World of Ends
What the Internet Is and
How to Stop Mistaking It
for Something Else.
Doc Searls and
Last update: 3.6.03
1 There are mistakes and there are mistakes.
Some mistakes we learn from. For example: Thinking that selling toys
for pets on the Web is a great way to get rich. We're not going to
do that again.
Other mistakes we insist on making over and over. For example, thinking
- ...the Web, like television, is a way to hold eyeballs still while
advertisers spray them with messages.
- ...the Net is something that telcos and cable companies should
filter, control and otherwise "improve."
- ... it's a bad thing for users to communicate between different
kinds of instant messaging systems on the Net.

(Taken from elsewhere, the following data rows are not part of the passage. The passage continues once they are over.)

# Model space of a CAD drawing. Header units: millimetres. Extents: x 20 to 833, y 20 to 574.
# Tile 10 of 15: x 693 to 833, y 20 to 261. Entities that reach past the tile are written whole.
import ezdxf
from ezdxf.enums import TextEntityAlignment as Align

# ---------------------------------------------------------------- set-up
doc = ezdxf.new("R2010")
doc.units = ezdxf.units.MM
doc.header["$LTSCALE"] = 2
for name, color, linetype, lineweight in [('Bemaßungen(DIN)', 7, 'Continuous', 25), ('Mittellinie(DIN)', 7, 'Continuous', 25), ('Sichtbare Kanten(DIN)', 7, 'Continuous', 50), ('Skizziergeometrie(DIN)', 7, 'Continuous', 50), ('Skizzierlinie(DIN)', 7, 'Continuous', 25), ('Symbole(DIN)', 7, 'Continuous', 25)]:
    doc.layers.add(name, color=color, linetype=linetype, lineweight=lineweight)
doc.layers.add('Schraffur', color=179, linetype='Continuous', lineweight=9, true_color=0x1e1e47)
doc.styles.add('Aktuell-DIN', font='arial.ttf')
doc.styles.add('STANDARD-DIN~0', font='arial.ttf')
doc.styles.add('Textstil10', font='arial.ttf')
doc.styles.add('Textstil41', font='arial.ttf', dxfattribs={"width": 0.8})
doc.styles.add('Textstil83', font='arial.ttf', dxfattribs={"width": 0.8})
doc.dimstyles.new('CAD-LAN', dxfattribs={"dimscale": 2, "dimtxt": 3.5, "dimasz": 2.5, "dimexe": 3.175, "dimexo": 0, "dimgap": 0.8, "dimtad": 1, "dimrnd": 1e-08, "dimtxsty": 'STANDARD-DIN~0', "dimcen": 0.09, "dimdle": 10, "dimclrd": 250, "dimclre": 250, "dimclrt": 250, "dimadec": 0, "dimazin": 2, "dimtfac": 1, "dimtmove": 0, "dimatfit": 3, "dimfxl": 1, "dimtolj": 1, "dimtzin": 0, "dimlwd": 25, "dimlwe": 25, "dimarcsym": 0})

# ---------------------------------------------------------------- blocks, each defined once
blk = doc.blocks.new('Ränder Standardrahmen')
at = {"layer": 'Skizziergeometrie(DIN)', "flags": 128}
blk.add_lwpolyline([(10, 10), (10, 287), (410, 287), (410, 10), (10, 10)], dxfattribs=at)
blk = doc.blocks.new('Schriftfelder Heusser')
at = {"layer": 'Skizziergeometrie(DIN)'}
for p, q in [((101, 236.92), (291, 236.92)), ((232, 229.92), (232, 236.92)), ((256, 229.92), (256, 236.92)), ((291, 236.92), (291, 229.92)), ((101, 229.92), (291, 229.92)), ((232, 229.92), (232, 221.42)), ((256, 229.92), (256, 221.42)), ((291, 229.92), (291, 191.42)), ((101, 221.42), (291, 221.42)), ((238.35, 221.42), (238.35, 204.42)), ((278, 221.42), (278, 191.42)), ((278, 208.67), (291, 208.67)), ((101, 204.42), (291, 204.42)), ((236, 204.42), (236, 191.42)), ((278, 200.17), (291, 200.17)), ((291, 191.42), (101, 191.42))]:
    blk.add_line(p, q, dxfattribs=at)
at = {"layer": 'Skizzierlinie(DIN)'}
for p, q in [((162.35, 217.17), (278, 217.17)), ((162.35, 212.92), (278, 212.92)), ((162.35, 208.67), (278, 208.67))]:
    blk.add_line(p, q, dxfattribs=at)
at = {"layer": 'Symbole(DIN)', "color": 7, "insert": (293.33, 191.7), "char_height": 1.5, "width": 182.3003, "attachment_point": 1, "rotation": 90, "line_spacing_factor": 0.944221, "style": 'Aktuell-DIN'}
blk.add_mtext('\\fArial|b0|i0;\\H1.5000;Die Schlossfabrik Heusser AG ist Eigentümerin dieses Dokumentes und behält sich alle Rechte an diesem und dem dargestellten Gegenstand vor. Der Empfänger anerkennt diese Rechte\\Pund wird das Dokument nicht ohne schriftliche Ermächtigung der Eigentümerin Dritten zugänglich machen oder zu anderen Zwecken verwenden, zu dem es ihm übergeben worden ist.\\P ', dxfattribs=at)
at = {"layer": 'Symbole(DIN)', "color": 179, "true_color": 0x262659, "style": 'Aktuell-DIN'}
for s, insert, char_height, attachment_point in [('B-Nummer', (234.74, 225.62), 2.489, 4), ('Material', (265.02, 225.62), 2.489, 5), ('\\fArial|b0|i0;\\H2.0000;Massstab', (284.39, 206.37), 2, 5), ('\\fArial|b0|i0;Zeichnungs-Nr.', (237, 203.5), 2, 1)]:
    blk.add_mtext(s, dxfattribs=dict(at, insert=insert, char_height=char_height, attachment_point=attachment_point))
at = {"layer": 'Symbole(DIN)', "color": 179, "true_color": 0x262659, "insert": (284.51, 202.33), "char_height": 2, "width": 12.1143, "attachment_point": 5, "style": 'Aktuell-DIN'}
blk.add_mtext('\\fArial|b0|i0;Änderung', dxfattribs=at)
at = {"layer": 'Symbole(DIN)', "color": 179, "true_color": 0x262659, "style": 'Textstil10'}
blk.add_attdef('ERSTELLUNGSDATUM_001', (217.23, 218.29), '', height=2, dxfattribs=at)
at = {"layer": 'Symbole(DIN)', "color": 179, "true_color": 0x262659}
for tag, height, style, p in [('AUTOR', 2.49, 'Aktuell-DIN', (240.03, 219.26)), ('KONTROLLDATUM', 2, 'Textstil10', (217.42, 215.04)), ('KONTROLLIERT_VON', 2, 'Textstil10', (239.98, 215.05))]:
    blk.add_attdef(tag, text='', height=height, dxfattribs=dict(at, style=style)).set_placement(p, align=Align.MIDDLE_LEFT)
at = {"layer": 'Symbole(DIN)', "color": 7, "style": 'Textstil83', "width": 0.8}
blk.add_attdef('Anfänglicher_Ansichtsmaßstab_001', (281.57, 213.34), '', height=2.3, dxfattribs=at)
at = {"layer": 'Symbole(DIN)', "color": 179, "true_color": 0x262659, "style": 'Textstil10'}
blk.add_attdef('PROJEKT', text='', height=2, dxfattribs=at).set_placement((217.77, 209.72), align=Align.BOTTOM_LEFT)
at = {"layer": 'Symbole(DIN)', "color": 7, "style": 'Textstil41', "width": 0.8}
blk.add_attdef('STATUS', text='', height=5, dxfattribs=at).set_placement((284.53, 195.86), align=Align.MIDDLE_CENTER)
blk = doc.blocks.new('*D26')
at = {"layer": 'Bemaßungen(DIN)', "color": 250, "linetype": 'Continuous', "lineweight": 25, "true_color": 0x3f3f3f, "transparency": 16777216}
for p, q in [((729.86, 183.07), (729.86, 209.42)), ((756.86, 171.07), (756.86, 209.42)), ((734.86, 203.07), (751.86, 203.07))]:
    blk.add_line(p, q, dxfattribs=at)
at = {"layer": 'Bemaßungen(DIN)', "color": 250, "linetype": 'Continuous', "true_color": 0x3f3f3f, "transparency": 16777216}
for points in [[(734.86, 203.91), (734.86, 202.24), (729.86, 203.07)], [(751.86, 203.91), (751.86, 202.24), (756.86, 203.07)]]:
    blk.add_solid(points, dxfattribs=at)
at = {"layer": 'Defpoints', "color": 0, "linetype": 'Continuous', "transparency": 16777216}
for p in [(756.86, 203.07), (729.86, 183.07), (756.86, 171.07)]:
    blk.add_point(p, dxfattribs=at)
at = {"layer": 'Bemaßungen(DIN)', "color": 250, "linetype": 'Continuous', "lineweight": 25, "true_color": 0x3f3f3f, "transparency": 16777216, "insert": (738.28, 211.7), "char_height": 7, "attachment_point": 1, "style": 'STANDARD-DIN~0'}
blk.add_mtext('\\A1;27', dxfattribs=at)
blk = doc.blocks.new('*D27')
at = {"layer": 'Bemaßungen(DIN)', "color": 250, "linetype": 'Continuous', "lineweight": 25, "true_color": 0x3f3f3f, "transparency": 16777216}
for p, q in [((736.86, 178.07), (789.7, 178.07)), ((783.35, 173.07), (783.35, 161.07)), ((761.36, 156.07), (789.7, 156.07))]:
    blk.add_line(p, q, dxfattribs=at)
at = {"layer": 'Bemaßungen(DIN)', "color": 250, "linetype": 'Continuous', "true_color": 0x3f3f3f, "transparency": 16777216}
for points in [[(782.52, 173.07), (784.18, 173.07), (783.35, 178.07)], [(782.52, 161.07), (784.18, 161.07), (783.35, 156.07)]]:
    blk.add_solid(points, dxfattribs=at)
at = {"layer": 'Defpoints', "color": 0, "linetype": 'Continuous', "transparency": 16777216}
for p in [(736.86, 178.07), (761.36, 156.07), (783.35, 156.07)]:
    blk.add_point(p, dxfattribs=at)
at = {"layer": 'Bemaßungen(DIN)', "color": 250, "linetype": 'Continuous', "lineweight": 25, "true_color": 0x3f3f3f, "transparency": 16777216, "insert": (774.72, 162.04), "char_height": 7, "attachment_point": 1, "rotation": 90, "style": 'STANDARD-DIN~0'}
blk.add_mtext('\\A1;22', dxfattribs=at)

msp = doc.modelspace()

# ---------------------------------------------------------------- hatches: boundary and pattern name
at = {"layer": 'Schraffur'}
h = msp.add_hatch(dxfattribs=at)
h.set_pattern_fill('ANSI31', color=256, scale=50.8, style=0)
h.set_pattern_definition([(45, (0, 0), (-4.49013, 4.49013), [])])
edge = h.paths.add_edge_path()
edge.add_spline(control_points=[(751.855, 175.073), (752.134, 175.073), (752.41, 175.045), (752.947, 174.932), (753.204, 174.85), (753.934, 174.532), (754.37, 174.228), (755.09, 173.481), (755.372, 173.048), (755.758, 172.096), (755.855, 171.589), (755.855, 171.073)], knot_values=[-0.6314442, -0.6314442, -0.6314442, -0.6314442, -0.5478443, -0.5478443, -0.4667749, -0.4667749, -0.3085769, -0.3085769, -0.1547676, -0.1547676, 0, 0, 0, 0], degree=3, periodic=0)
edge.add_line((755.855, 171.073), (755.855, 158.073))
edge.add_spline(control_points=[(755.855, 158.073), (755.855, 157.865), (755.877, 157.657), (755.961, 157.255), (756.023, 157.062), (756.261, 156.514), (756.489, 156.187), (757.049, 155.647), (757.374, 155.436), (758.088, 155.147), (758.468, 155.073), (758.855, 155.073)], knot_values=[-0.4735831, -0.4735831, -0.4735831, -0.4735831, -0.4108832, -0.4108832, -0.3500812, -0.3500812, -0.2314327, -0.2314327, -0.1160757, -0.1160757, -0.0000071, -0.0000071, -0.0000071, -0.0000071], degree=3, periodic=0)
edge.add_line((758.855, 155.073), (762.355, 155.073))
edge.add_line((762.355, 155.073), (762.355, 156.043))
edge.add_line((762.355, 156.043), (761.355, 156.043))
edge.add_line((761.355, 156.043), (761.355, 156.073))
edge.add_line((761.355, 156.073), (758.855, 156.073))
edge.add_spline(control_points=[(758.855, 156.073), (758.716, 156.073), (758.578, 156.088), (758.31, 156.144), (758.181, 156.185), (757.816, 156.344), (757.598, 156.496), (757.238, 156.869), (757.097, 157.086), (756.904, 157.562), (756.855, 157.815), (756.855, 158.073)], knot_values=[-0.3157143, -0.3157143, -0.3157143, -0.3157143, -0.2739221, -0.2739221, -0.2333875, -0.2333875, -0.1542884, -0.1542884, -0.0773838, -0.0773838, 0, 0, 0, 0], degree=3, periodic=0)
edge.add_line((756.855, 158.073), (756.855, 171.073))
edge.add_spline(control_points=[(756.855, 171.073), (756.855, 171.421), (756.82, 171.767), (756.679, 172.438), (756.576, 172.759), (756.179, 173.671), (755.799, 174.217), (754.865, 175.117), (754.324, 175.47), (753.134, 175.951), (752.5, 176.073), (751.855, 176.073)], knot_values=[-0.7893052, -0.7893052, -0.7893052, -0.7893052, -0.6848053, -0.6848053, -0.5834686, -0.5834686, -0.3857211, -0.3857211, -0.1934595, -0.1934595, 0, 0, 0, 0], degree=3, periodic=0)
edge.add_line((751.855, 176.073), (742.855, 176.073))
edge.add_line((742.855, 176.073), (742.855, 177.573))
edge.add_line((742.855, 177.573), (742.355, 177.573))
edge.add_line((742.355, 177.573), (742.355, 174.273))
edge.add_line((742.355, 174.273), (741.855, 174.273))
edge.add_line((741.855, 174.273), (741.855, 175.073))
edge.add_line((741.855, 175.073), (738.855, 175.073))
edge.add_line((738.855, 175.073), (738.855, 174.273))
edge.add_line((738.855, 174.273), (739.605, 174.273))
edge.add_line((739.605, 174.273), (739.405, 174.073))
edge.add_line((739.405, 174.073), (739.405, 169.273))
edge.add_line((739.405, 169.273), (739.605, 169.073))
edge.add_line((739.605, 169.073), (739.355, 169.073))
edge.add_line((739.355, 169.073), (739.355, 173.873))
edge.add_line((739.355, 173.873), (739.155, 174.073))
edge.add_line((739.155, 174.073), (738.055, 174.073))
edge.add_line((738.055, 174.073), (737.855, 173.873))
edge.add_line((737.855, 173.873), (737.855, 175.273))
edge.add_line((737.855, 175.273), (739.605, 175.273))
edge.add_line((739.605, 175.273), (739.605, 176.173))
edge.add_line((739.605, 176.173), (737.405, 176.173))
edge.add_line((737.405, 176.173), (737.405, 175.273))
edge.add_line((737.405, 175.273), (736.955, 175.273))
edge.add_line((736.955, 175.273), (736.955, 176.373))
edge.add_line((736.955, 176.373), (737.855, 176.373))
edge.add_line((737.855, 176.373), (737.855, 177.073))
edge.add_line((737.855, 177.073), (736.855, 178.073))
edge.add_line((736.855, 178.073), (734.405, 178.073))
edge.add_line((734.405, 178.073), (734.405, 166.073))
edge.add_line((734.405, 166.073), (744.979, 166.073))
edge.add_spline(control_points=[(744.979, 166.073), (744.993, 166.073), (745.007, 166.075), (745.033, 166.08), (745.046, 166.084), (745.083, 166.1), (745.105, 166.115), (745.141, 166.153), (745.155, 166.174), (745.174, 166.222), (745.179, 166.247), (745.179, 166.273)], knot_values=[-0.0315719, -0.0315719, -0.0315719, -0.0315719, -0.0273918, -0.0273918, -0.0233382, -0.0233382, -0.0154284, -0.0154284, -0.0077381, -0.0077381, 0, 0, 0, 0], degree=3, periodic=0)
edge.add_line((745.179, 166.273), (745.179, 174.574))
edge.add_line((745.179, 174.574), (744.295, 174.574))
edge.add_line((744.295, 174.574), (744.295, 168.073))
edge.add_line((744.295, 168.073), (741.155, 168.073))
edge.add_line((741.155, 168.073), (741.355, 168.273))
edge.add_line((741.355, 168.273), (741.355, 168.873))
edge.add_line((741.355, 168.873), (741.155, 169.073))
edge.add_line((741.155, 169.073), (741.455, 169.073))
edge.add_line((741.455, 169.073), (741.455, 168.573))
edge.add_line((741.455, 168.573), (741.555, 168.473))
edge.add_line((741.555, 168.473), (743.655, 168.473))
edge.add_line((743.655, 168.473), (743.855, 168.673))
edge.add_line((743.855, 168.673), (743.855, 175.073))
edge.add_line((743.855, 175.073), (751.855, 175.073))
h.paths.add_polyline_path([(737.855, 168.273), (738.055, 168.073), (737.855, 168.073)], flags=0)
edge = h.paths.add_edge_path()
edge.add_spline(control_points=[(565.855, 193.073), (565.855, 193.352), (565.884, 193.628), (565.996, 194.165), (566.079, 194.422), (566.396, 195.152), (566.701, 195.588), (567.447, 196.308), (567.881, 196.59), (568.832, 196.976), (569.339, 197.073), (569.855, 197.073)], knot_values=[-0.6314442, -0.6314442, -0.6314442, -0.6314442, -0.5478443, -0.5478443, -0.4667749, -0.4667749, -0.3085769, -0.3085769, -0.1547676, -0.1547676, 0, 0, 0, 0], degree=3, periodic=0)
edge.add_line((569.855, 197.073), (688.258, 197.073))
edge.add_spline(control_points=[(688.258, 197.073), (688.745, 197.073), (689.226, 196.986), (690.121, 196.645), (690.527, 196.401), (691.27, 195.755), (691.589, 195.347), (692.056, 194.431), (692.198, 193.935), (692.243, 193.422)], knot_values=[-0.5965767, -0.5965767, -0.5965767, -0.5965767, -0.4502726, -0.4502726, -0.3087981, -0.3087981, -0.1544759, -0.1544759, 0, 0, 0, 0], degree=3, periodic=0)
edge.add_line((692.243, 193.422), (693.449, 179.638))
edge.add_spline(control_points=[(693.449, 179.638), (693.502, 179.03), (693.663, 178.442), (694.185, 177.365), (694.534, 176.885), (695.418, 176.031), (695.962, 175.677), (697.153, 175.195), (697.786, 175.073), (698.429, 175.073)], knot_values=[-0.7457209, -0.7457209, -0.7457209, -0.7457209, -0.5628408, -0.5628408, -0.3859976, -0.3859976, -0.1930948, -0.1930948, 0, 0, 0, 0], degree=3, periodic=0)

- ...the Net suffers from a lack of regulation to protect industries
that feel threatened by it.
When it comes to the Net, a lot of us suffer from Repetitive
Mistake Syndrome. This is especially true for magazine and newspaper
publishing, broadcasting, cable television, the record industry, the
movie industry, and the telephone industry, to name just six.
Thanks to the enormous influence of those industries in Washington,
Repetitive Mistake Syndrome also afflicts lawmakers, regulators and
even the courts. Last year Internet radio, a promising new industry
that threatened to give listeners choices far exceeding anything on
the increasingly variety-less (and technologically stone-age) AM
and FM bands, was shot in its cradle. Guns, ammo and the occasional
"Yee-Haw!" were provided by the recording industry and the
Digital Millennium Copyright Act, which embodies all the fears felt
by Hollywood's alpha dinosaurs when they lobbied the Act through Congress
"The Internet interprets censorship as damage and routes around
it," John Gilmore famously
said. And it's true. In the long run, Internet radio will succeed.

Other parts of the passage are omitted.